Im Fokus der Ermittlungen steht die Hells-Angels-Abteilung Hannover. Der Präsident des Clubs soll seinen Untergebenen unter anderem Mordaufträge erteilt haben. Für ausgeführte Morde seien die Mitglieder mit einer höheren Stellung innerhalb der Gruppe belohnt worden.

«Hohes Gewaltpotenzial und brutale Auseinandersetzungen»

Die Vorwürfe der Polizei basieren auf den Aussagen des Kronzeugen Steffen R. Dieser gehörte selber zum verschwiegenen inneren Zirkel der Rocker. Nach monatelanger Untersuchungshaft beendete er jedoch sein Schweigen Anfang Jahr und redete über illegale Geschäfte, Prostitution, Drogen, Schutzgeld und angebliche Mordaufträge. Die umfangreichen Aussagen führten dann zu dem massiven Schlag der Polizei gegen die Hells Angels. Im Rahmen der Razzien wurde auch eine Lagerhalle in Kiel durchsucht, wo ein spurlos verschwundener türkischer Staatsangehöriger einbetoniert worden sein soll.

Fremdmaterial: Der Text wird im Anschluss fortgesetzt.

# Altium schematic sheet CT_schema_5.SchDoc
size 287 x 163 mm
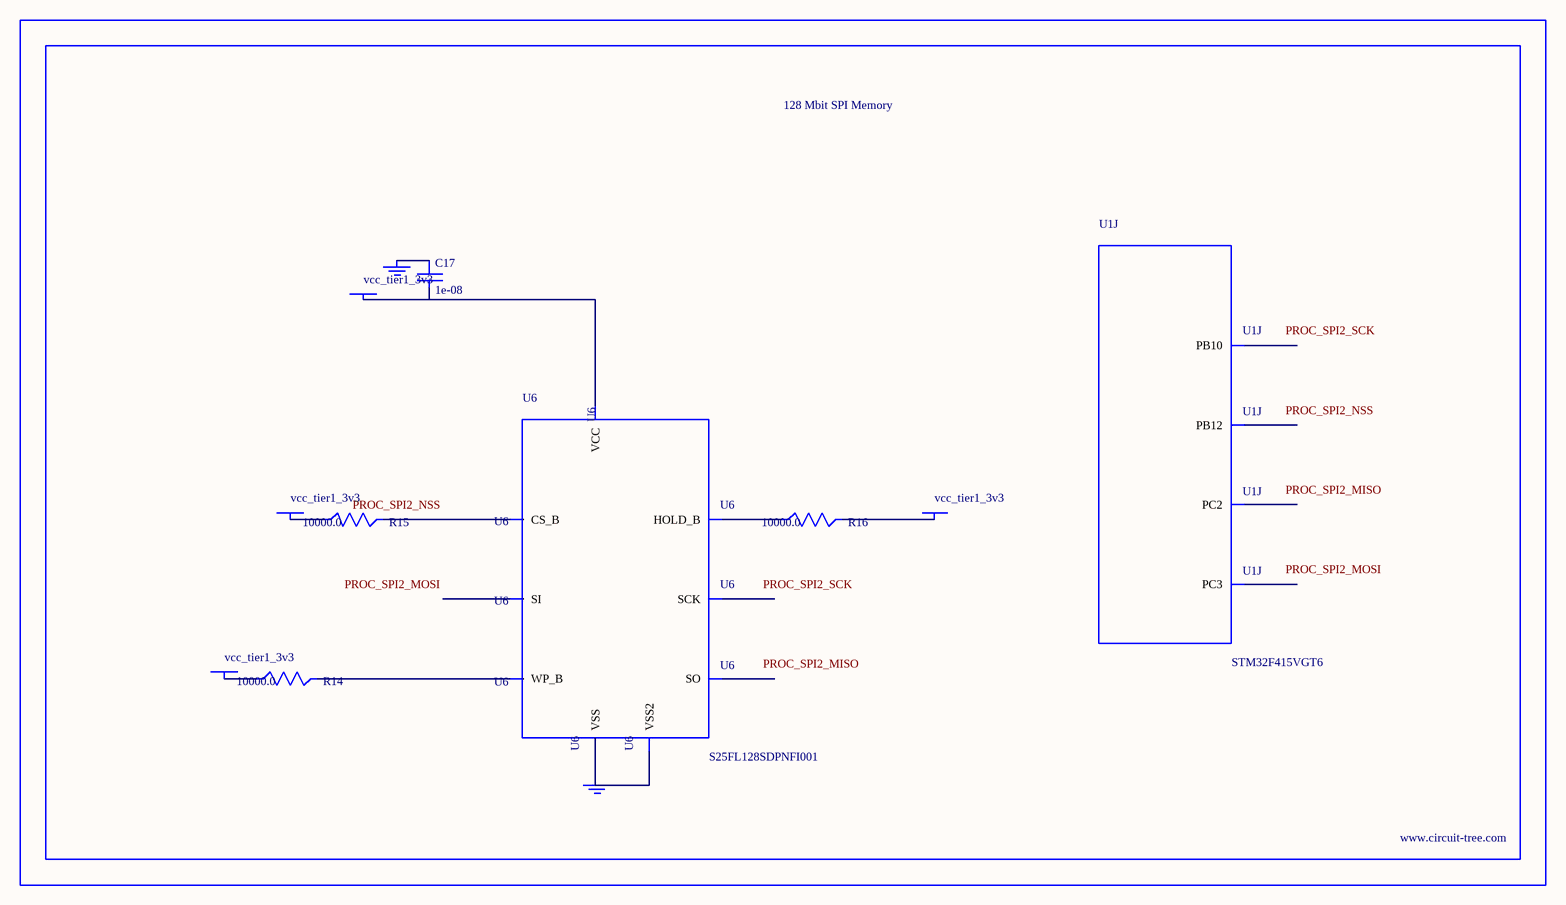
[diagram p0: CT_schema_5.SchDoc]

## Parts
BORDER4  (no value)
C17  1e-08  [C0402]
GND_INSTANCE_4_0  (no value)
GND_INSTANCE_4_1  (no value)
POWER_INSTANCE_4_0  vcc_tier1_3v3
POWER_INSTANCE_4_1  vcc_tier1_3v3
POWER_INSTANCE_4_2  vcc_tier1_3v3
POWER_INSTANCE_4_3  vcc_tier1_3v3
R14  10000.0  [R0603]
R15  10000.0  [R0603]
R16  10000.0  [R0603]
U1  STM32F415VGT6  [LQFP100]  (part J of 11)
U6  S25FL128SDPNFI001  [WNG008]

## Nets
NetC17_1: C17.1 GND_INSTANCE_4_0.0(GND)
NetC17_2: C17.2 POWER_INSTANCE_4_3.0(PWR) U6.8(VCC)
NetGND_INSTANCE_4_1_0: GND_INSTANCE_4_1.0(GND) U6.4(VSS) U6.PAD(VSS2)
NetPOWER_INSTANCE_4_0_0: POWER_INSTANCE_4_0.0(PWR) R15.1
NetPOWER_INSTANCE_4_1_0: POWER_INSTANCE_4_1.0(PWR) R14.1
NetPOWER_INSTANCE_4_2_0: POWER_INSTANCE_4_2.0(PWR) R16.2
NetR14_2: R14.2 U6.3(WP_B)
NetR15_2: R15.2 U6.1(CS_B)
NetR16_1: R16.1 U6.7(HOLD_B)

Not connected (* = marked no-connect by the designer): U1 17(PC2) 18(PC3) 47(PB10) 51(PB12); U6 2(SO) 5(SI) 6(SCK)

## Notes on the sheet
- Labels drawn without touching a wire or pin: PROC_SPI2_MISO, PROC_SPI2_MOSI, PROC_SPI2_NSS, PROC_SPI2_SCK

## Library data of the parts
BORDER4 = BORDER_PAGE4
C17 = C0402C103K3RAC
GND_INSTANCE_4_0 GND_INSTANCE_4_1 = GND
POWER_INSTANCE_4_0-POWER_INSTANCE_4_3 = PWR
R14-R16 = RC0603JR-0710KL
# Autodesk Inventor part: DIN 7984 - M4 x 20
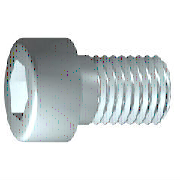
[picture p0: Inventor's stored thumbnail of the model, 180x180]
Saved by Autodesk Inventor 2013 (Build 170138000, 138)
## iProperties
Created: 2012-02
Part Number: DIN 7984 - M4 x 20
Material: Stahl, weich
Description: Zylinderkopfschraube
Document SubType Name: Modeling
Standard: DIN 7984
Designer: Ente
Standard Revision: 1985
Standards Organization: DIN
Language: de-DE
Size Designation: M4 x 20
Categories: <MemberInstance><Categories><Category DisplayName="Verbindungselemente" InternalName="e4da775c-781d-43d5-af7c-5136215cf5a6" Mnemonic="FSTN"><Category DisplayNam
Density: 1 g/cm^3
IsCustomPart: 0
Author: Ente
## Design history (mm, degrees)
sketch "Skizze1"
  geometry: L1 (0.333, 0)-(20, 0); L2 (20, 0)-(20, 2); L3 (20, 2)-(2.1, 2); L4 (2.1, 2)-(1.67, 2); L5 (1.67, 2)-(0, 2); L6 (0, 2)-(0, 3.5); L7 (0, 3.5)-(-2.8, 3.5); L8 (-2.8, 3.5)-(-2.8, 1.443); L9 (-2.8, 1.443)-(-0.5, 1.443); L10 (-0.5, 1.443)-(0.333, 0); L11 (-7.36, 0)-(24.56, 0) reference; L12 (0, -0.7)-(0, 4.2) reference; L13 (2.1, 2)-(0, 2)
  constraints: 22 end point, 6 parallel, 2 collinear, 2 perpendicular, 1 horizontal, 1 point on line
  dimensions: "d1" = 17.9 distance from line of L3.end L2 (= GEL); "d2" = 0.42952 distance of L4.end L3.end (computed from GAL); "d3" = 2.8 distance between parallel lines of L8 L6 (= KOH); "d4" = 2.3 distance of L8.end L9.end (= INTI); "d5" = 60 deg angle of L10 L1; "d6" = 4 diameter of L3 L1 (= GD); "d7" = 4 diameter of L5 L1 (= BDM); "d8" = 2.88675 diameter of L9 L1 (= 1.1547 x SW); "d9" = 7 diameter of L7 L1 (= KOD); "d26" = 20 distance between parallel lines of L12 L2 (= NLG)
revolve "Körper" sketch "Skizze1" stored, may be unused: angle "d10" = 90 deg
sketch "Skizze2"
  geometry: L1 (0, -4.9)-(0, 4.9) reference; L2 (-4.9, 0)-(4.9, 0) reference; L3 (1.443, 0)-(0.722, -1.25); L4 (0.722, -1.25)-(-0.722, -1.25); L5 (-0.722, -1.25)-(-1.443, 0); L6 (-1.443, 0)-(-0.722, 1.25); L7 (-0.722, 1.25)-(0.722, 1.25); L8 (0.722, 1.25)-(1.443, 0); 2 further points
  constraints: 12 end point, 1 coincident, 1 horizontal alignment, 1 point on line, 12 other
extrude "Loch" join sketch "Skizze2" stored distance "d11" = 10; taper "d12" = 0 deg
workplane "Work Plane1"
fillet "Fillet2" dims "d30" = 0.1 (= R)
body "Solid1"
fillet "Rundung1" dims "d17" = 0.4 (= RR)
feature "Gewinde" dims "d13" = 17.9 (= GEL), "d14" = 0
chamfer "Fase1" distance "d15" = 0.42941 (= -0.5 x SPD + 0.5 x GD); stored, may be unused: second distance "d16" = 0.42941 (= GUL), angle "d27" = 45 deg
other parameters: "GD" = 4 (= NND) [user parameter; used in 2 equation terms], "NLG" = 20 [user parameter; used in 1 equation term], "GEL" = 17.9 [user parameter; used in 2 equation terms], "KOD" = 7 [user parameter; used in 1 equation term], "KOH" = 2.8 [user parameter; used in 1 equation term], "INTI" = 2.3 [user parameter; used in 1 equation term], "GAL" = 0.42941 (= 0.61345 x PTC) [user parameter; used in 1 equation term], "GUL" = 0.42941 (= 0.61345 x PTC) [user parameter; used in 1 equation term], "BDM" = 4 (= NND) [user parameter; used in 1 equation term], "SW" = 2.5 [user parameter; used in 2 equation terms], "RR" = 0.4 [user parameter; used in 1 equation term], "SPD" = 3.14117 (= NND - 1.2269 x PTC) [user parameter; used in 1 equation term], "d19" = 0, "d28" = 0, "d29" = 0, "R" = 0.1 [user parameter; used in 1 equation term], "TOA" = 30 deg [user parameter], "GD1" = 3.14117 (= THREADDIA - 1.2269 x PTC) [user parameter], "THREADDIA" = 4 [user parameter; used in 1 equation term], "FAWI" = 45 deg [user parameter], "ANG" = 120 deg [user parameter], "TPU" = 14.28571 (computed from PTC) [user parameter], "PTC" = 0.7 [user parameter; used in 5 equation terms], "NND" = 4 [user parameter; used in 3 equation terms], "E0" = 2.8875 (= 1.155 x SW) [user parameter]

Schon seit Jahren stehen die rund 3500 Hells-Angels-Mitglieder unter der Beobachtung des deutschen Bundeskriminalamtes (BKA). Immer öfter wird dabei der Vorwurf der organisierten Kriminalität laut. So kontrollieren die Hells Angels in mehreren Städten das Rotlichtmilieu und setzen ihren Machtanspruch immer öfter mit roher Gewalt durch. «Ein hohes Gewaltpotenzial und brutale Auseinandersetzungen im öffentlichen Raum» beobachtete BKA-Vizepräsident Jürgen Stock. Bei Aktionen gegen die Gruppe würden regelmässig Pistolen, Handgranaten und Sprengstoff sichergestellt.

Grosse Nähe zwischen Polizei und Rockern

Auch die europäische Polizeibehörde Europol sammelt seit Jahren Informationen über die «Outlaw Motorcycle Gang». Die Ermittlungserkenntnisse decken sich mit jenen der deutschen Behörden. Auch bei Europol heisst es, bei nahezu jeder Hausdurchsuchung würden Waffen und Drogen gefunden. Zudem seien knapp zwei Drittel der Rocker vorbestraft.

Das Vorgehen der Polizei gegen die Rocker wird erschwert durch den grossen Einfluss, den diese selbst auf den Justiz- und Polizeiapparat zu haben scheinen. Die Nähe zwischen Rockern und Polizisten sei teilweise eklatant, schreibt der «Spiegel» und zählt mehrere Fälle auf, in denen Polizeibeamte die Hells Angels tatkräftig mit Informationen unterstützt hatten. Hilfe habe es auch von Justizbeamten gegeben.

Verbotsverfahren angedacht

Nun mehren sich in Deutschland die Stimmen nach einem nationalen Verbot der Hells Angels. In einigen Städten wurde dies bereits durchgesetzt. Ob die Rocker tatsächlich ähnlich organisiert sind wie die Mafia, werden die nun eröffneten Strafverfahren zeigen. Die Suche nach der angeblich einbetonierten Leiche in Kiel wird unterdessen weitergeführt.